(EXERCISE BRIEF): Look at the data below and print exactly the lines from its first line through the line with "#11030=VERTEX_POINT('',#11020);"; the pictures stay out of the copy.
(Beginning of RECORDED DATA)
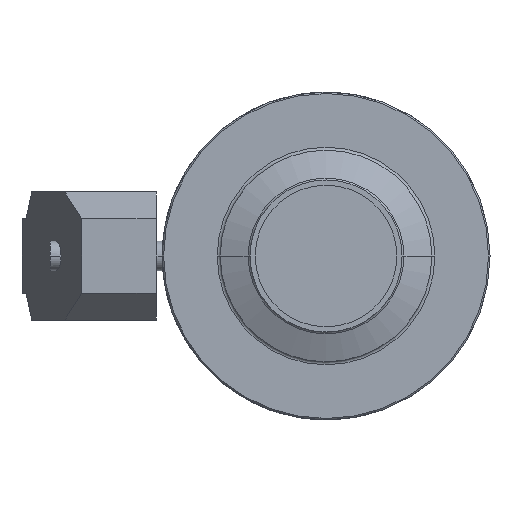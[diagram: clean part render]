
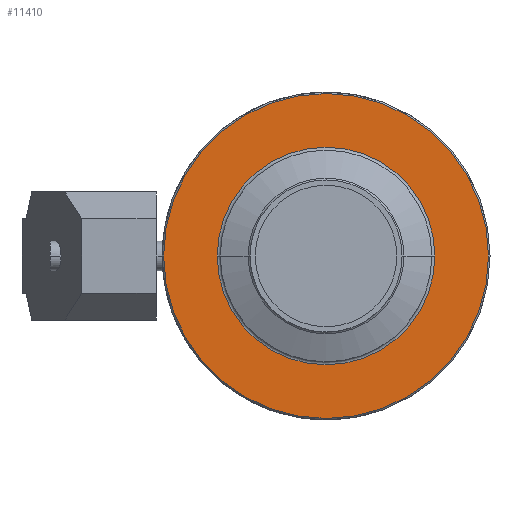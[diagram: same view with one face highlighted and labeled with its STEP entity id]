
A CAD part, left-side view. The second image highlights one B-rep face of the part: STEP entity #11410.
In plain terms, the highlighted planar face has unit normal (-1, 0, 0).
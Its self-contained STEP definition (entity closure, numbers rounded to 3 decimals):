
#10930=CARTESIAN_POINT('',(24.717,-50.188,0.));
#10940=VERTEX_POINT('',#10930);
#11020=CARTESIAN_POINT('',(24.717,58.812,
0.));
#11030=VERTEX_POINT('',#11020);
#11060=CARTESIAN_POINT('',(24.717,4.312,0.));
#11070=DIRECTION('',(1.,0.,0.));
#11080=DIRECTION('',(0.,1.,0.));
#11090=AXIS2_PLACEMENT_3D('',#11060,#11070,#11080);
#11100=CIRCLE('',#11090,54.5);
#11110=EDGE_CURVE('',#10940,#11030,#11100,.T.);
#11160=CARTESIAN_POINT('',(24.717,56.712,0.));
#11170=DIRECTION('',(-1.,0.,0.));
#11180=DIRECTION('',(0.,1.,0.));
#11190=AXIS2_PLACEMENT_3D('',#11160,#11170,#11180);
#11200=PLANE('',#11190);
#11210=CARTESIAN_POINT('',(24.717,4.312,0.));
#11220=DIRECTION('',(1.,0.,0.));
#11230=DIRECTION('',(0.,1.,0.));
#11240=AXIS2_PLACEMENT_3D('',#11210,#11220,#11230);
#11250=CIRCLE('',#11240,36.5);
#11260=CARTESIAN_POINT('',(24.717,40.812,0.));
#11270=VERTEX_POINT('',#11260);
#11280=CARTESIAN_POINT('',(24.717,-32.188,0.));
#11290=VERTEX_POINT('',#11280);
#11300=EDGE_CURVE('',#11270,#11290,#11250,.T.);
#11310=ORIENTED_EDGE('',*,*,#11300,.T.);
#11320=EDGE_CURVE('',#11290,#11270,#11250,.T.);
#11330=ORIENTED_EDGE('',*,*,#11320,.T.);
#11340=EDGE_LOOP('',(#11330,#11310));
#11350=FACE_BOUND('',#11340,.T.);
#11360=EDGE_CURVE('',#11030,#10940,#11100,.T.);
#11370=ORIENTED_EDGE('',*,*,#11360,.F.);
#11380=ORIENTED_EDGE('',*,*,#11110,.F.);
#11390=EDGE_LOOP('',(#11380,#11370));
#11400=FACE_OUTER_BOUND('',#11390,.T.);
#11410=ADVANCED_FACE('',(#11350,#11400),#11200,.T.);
(End of RECORDED DATA)
(WORKED SOLUTION):
[diagram: clean part render]
[diagram: same view with one face highlighted and labeled with its STEP entity id]
A CAD part, left-side view. The second image highlights one B-rep face of the part: STEP entity #11410.
In plain terms, the highlighted planar face has unit normal (-1, 0, 0).
Its self-contained STEP definition (entity closure, numbers rounded to 3 decimals):
#10930=CARTESIAN_POINT('',(24.717,-50.188,0.));
#10940=VERTEX_POINT('',#10930);
#11020=CARTESIAN_POINT('',(24.717,58.812,
0.));
#11030=VERTEX_POINT('',#11020);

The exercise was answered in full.